Hal retourne sur les notes qu’il a découvertes dans les archives du SETI et fouille les recherches plus anciennes de Donovan Taylor. Il y trouve à chaque fois des débuts de pistes, des idées très simples comme celles qui servent à déboucher sur les concepts intéressants, mais ne trouve pas ses concepts finaux. Comme le travail d’un enfant, qui passerait d’une tâche à une autre sans prendre le temps de n’en finir aucune. Hal se pose des questions et ne trouve qu’une unique explication à ces recherches incomplètes : les notes qu'il a sous les yeux ont été partiellement effacées. Une nouvelle fois, le travail des scientifiques du SETI a été détruit, volontairement ou par dommage collatéral… Hal Hogan ne parvient pas à s’imaginer que la mort de Donovan Taylor ainsi que l’effacement de son travail soit liés. Les théories du complot sont à la mode, mais le hasard permet souvent d’expliquer simplement ces enchaînements de faits. Le complot moderne n’est qu’un ensemble de coïncidences scénarisées.
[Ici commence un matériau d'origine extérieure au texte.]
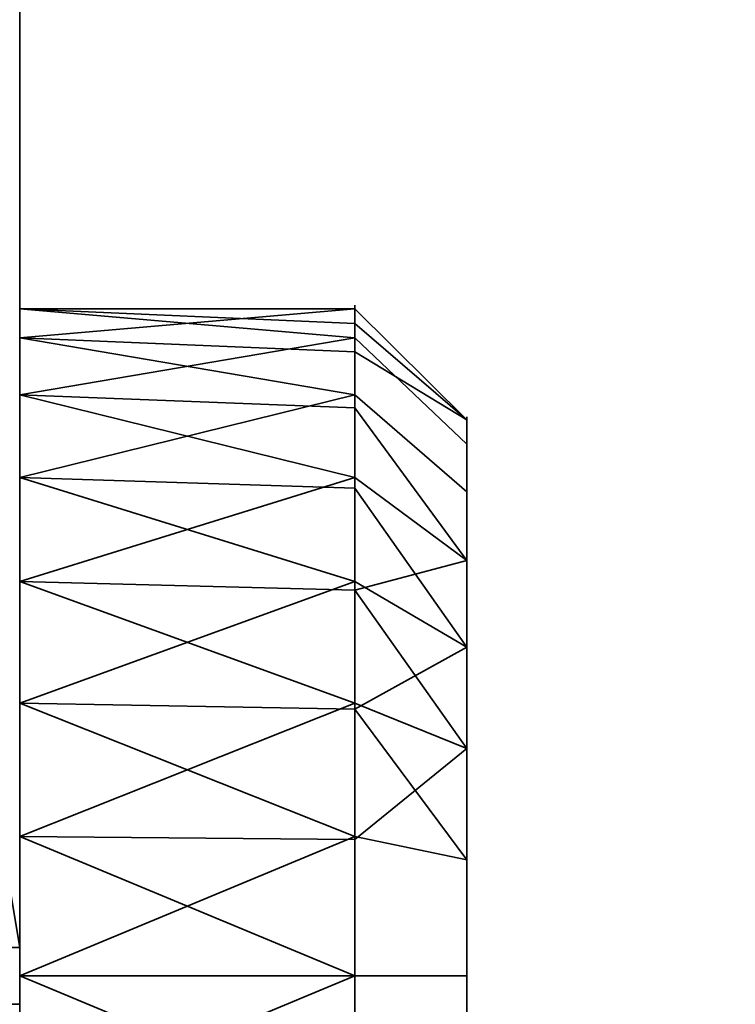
# Model space of a CAD drawing. Header units: millimetres. Extents: x -527 to 5177, y -116 to 161.
# Tile 943 of 1056: x 3449.5 to 3452.7, y -15.63 to -11.22. Entities that reach past the tile are written whole.
import ezdxf

# ---------------------------------------------------------------- set-up
doc = ezdxf.new("R2010")
doc.units = ezdxf.units.MM
doc.layers.add('151', color=7, linetype='Continuous', true_color=0xffffff)

# ---------------------------------------------------------------- blocks, each defined once
blk = doc.blocks.new('UG_SURFACE_214')
at = {"layer": '151', "color": 252, "linetype": 'Continuous', "lineweight": 35}
for points in [[(2520, -9.3, 2075.2499), (2520, -26.22, 2075.2499), (3480, -26.22, 2075.2499), (3480, -9.3, 2075.2499)], [(2521.5001, -9.3, 2073.75), (3478.4999, -9.3, 2073.75), (3478.4999, -26.22, 2073.75), (2521.5001, -26.22, 2073.75)]]:
    blk.add_3dface(points, dxfattribs=at)
blk = doc.blocks.new('UG_SURFACE_217')
at = {"layer": '151', "color": 252, "linetype": 'Continuous', "lineweight": 35}
for points in [[(3447.5, -22, 1766.25), (3449.5001, -22, 1766.25), (3449.5001, -9, 1766.25), (3447.5, -9, 1766.25)], [(3447.5, -9, 1757.25), (3449.5001, -9, 1757.25), (3449.5001, -22, 1757.25), (3447.5, -22, 1757.25)], [(3449.5001, -9, 1766.25), (3449.5001, -22, 1766.25), (3449.5001, -16.1237, 1764.6844), (3449.5001, -14.8763, 1764.6844)], [(3449.5001, -9, 1757.25), (3449.5001, -9, 1766.25), (3449.5001, -12.5164, 1762.0636), (3449.5001, -12.6468, 1760.8229)], [(3449.5001, -14.8763, 1764.6844), (3449.5001, -13.7366, 1764.1771), (3449.5001, -9, 1766.25)], [(3449.5001, -9, 1766.25), (3449.5001, -12.9019, 1763.25), (3449.5001, -12.5164, 1762.0636)], [(3449.5001, -12.6468, 1760.8229), (3449.5001, -13.2706, 1759.7426), (3449.5001, -9, 1757.25)], [(3449.5001, -13.7366, 1764.1771), (3449.5001, -12.9019, 1763.25), (3449.5001, -9, 1766.25)], [(3449.5001, -13.2706, 1759.7426), (3449.5001, -14.2798, 1759.0094), (3449.5001, -9, 1757.25)], [(3449.5001, -22, 1757.25), (3449.5001, -9, 1757.25), (3449.5001, -15.5, 1758.75), (3449.5001, -16.7202, 1759.0094)], [(3449.5001, -14.2798, 1759.0094), (3449.5001, -15.5, 1758.75), (3449.5001, -9, 1757.25)], [(3449.5001, -12.5164, 1762.0636), (3451, -12.5816, 1762.0567), (3451, -12.5164, 1761.4365)], [(3451, -12.5164, 1761.4365), (3449.5001, -12.6468, 1760.8229), (3449.5001, -12.5164, 1762.0636)], [(3451, -12.6468, 1762.6771), (3449.5001, -12.5164, 1762.0636), (3449.5001, -12.9019, 1763.25)], [(3451, -12.6468, 1762.6771), (3451, -12.5816, 1762.0567), (3449.5001, -12.5164, 1762.0636)], [(3451, -12.5164, 1761.4365), (3451, -12.7092, 1760.8432), (3449.5001, -12.6468, 1760.8229)], [(3451.4999, -13.0137, 1761.4887), (3451, -12.5164, 1761.4365), (3451, -12.5816, 1762.0567)], [(3451, -12.7092, 1760.8432), (3451, -12.5164, 1761.4365), (3451.4999, -13.0137, 1761.4887)], [(3451, -12.5816, 1762.0567), (3451, -12.6468, 1762.6771), (3451.4999, -13.1224, 1762.5226), (3451.4999, -13.0137, 1761.4887)], [(3449.5001, -12.6468, 1760.8229), (3451, -12.7092, 1760.8432), (3451, -12.9019, 1760.25)], [(3451, -12.9019, 1760.25), (3449.5001, -13.2706, 1759.7426), (3449.5001, -12.6468, 1760.8229)], [(3449.5001, -12.9019, 1763.25), (3451, -12.9587, 1763.2172), (3451, -12.6468, 1762.6771)], [(3451.4999, -13.6421, 1763.4228), (3451.4999, -13.1224, 1762.5226), (3451, -12.6468, 1762.6771), (3451, -12.9587, 1763.2172)], [(3451.4999, -13.0137, 1761.4887), (3451.4999, -13.3349, 1760.5), (3451, -12.9019, 1760.25), (3451, -12.7092, 1760.8432)], [(3449.5001, -12.9019, 1763.25), (3449.5001, -13.7366, 1764.1771), (3451, -13.2706, 1763.7573)], [(3451, -13.2706, 1763.7573), (3451, -12.9587, 1763.2172), (3449.5001, -12.9019, 1763.25)], [(3451, -12.9019, 1760.25), (3451, -13.3193, 1759.7865), (3449.5001, -13.2706, 1759.7426)], [(3451, -13.3193, 1759.7865), (3451, -12.9019, 1760.25), (3451.4999, -13.3349, 1760.5), (3451.4999, -14.0305, 1759.7275)], [(3451, -12.9587, 1763.2172), (3451, -13.2706, 1763.7573), (3451.4999, -13.6421, 1763.4228)], [(3451.4999, -13.3349, 1760.5), (3451.4999, -13.0137, 1761.4887), (3451.4999, -13.1224, 1762.5226), (3451.4999, -15.5, 1761.75)], [(3451.4999, -13.1224, 1762.5226), (3451.4999, -13.6421, 1763.4228), (3451.4999, -14.4832, 1764.0339), (3451.4999, -15.5, 1761.75)], [(3449.5001, -13.2706, 1759.7426), (3451, -13.3193, 1759.7865), (3451, -13.7366, 1759.323)], [(3451, -13.7366, 1759.323), (3449.5001, -14.2798, 1759.0094), (3449.5001, -13.2706, 1759.7426)], [(3449.5001, -13.7366, 1764.1771), (3451, -13.7752, 1764.124), (3451, -13.2706, 1763.7573)], [(3451.4999, -13.6421, 1763.4228), (3451, -13.2706, 1763.7573), (3451, -13.7752, 1764.124)], [(3451.4999, -14.0305, 1759.7275), (3451, -13.7366, 1759.323), (3451, -13.3193, 1759.7865)], [(3451.4999, -15.5, 1761.75), (3451.4999, -14.9802, 1759.3046), (3451.4999, -14.0305, 1759.7275), (3451.4999, -13.3349, 1760.5)], [(3451, -13.7752, 1764.124), (3451, -14.2798, 1764.4906), (3451.4999, -14.4832, 1764.0339), (3451.4999, -13.6421, 1763.4228)], [(3451, -14.2798, 1764.4906), (3449.5001, -13.7366, 1764.1771), (3449.5001, -14.8763, 1764.6844)], [(3451, -14.2798, 1764.4906), (3451, -13.7752, 1764.124), (3449.5001, -13.7366, 1764.1771)], [(3451, -13.7366, 1759.323), (3451, -14.3065, 1759.0692), (3449.5001, -14.2798, 1759.0094)], [(3451, -14.3065, 1759.0692), (3451, -13.7366, 1759.323), (3451.4999, -14.0305, 1759.7275), (3451.4999, -14.9802, 1759.3046)], [(3449.2102, -14.0959, 1752.1327), (3449.4238, -15.373, 1752.1327), (3449.5001, -15.373, 1751.75), (3449.2836, -14.0788, 1751.75)], [(3449.2836, -14.0788, 1749.75), (3449.5001, -15.373, 1749.75), (3449.4238, -15.373, 1749.3674), (3449.2102, -14.0959, 1749.3674)], [(3449.2836, -14.0788, 1771.75), (3449.5001, -15.373, 1771.75), (3449.4238, -15.373, 1771.3673), (3449.2102, -14.0959, 1771.3673)], [(3449.2102, -14.0959, 1774.1327), (3449.4238, -15.373, 1774.1327), (3449.5001, -15.373, 1773.7499), (3449.2836, -14.0788, 1773.7499)], [(3449.5001, -15.373, 1773.7499), (3449.5001, -15.373, 1771.75), (3449.2836, -14.0788, 1771.75), (3449.2836, -14.0788, 1773.7499)], [(3449.5001, -15.373, 1751.75), (3449.5001, -15.373, 1749.75), (3449.2836, -14.0788, 1749.75), (3449.2836, -14.0788, 1751.75)], [(3449.5001, -15.5, 1758.75), (3449.5001, -14.2798, 1759.0094), (3451, -14.8763, 1758.8155)], [(3449.5001, -14.2798, 1759.0094), (3451, -14.3065, 1759.0692), (3451, -14.8763, 1758.8155)], [(3449.5001, -14.8763, 1764.6844), (3451, -14.8899, 1764.6203), (3451, -14.2798, 1764.4906)], [(3451.4999, -14.4832, 1764.0339), (3451, -14.2798, 1764.4906), (3451, -14.8899, 1764.6203)], [(3451.4999, -14.9802, 1759.3046), (3451, -14.8763, 1758.8155), (3451, -14.3065, 1759.0692)], [(3451, -14.8899, 1764.6203), (3451, -15.5, 1764.75), (3451.4999, -15.5, 1764.25), (3451.4999, -14.4832, 1764.0339)], [(3451.4999, -14.4832, 1764.0339), (3451.4999, -15.5, 1764.25), (3451.4999, -16.5168, 1764.0339), (3451.4999, -15.5, 1761.75)], [(3449.5001, -14.8763, 1764.6844), (3449.5001, -16.1237, 1764.6844), (3451, -15.5, 1764.75)], [(3451, -15.5, 1764.75), (3451, -14.8899, 1764.6203), (3449.5001, -14.8763, 1764.6844)], [(3451, -14.8763, 1758.8155), (3451, -15.5, 1758.75), (3449.5001, -15.5, 1758.75)], [(3451, -15.5, 1758.75), (3451, -14.8763, 1758.8155), (3451.4999, -14.9802, 1759.3046), (3451.4999, -15.5, 1759.25)], [(3451.4999, -16.0198, 1759.3046), (3451.4999, -15.5, 1759.25), (3451.4999, -14.9802, 1759.3046), (3451.4999, -15.5, 1761.75)], [(3449.4238, -15.373, 1774.1327), (3449.4238, -15.627, 1774.1327), (3449.5001, -15.627, 1773.7499), (3449.5001, -15.373, 1773.7499)], [(3449.4238, -15.627, 1771.3673), (3449.4238, -15.373, 1771.3673), (3449.5001, -15.373, 1771.75), (3449.5001, -15.627, 1771.75)], [(3449.4238, -15.373, 1752.1327), (3449.4238, -15.627, 1752.1327), (3449.5001, -15.627, 1751.75), (3449.5001, -15.373, 1751.75)], [(3449.4238, -15.627, 1749.3674), (3449.4238, -15.373, 1749.3674), (3449.5001, -15.373, 1749.75), (3449.5001, -15.627, 1749.75)], [(3449.5001, -15.373, 1773.7499), (3449.5001, -15.627, 1773.7499), (3449.5001, -15.627, 1771.75), (3449.5001, -15.373, 1771.75)], [(3449.5001, -15.373, 1751.75), (3449.5001, -15.627, 1751.75), (3449.5001, -15.627, 1749.75), (3449.5001, -15.373, 1749.75)], [(3449.5001, -16.1237, 1764.6844), (3451, -16.1101, 1764.6203), (3451, -15.5, 1764.75)], [(3449.5001, -15.5, 1758.75), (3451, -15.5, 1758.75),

Hal Hogan n’en reste pas là. Puisque cette captation de 1977 est une réponse, il faut trouver la question qui a été envoyée dans l’espace par le SETI. Il lance son ordinateur à la recherche du signal envoyé de la terre. Sa machine tourne pendant de longues heures, compare son cher message tombé du ciel à toutes les émissions du radiotélescope disponibles dans son disque dur. L’après-midi se passe, lentement. Hal en profite pour déambuler devant les photos de son fils, devant celles où celui-ci accompagne sa mère. Il fait des tours et des tours de salon avant de découvrir un cadre posé sur le rebord de la cheminée, derrière le calendrier des éboueurs. Une famille apparaît. Une famille qu’Hal a bien connue à l’époque où il consacrait du temps à sa femme et à ce petit bébé qu’il regarde maintenant dormir paisiblement dans les bras de sa mère. Une époque trop vite passée à cause du SETI. Cadeau du ciel mais défi insurmontable : un fils avait rendu Hal Hogan peu sûr de lui dans ce rôle de père où il ne contrôlait rien. Comme hypnotisé par cette boule d’amour criant tout au long de la journée qu’il fallait que quelqu’un s’occupe de lui, ce quelqu’un réclamé étant en priorité sa maman. Hal détourne les yeux pour les poser sur la porte de la chambre de sa femme. Il s’approche. Toujours fermée, derrière doit être en pleurs la femme qu’il aime. Après un mouvement calme du poignet, Hal s’avance et découvre un amour allongé sur son lit, plongé dans un sommeil profond.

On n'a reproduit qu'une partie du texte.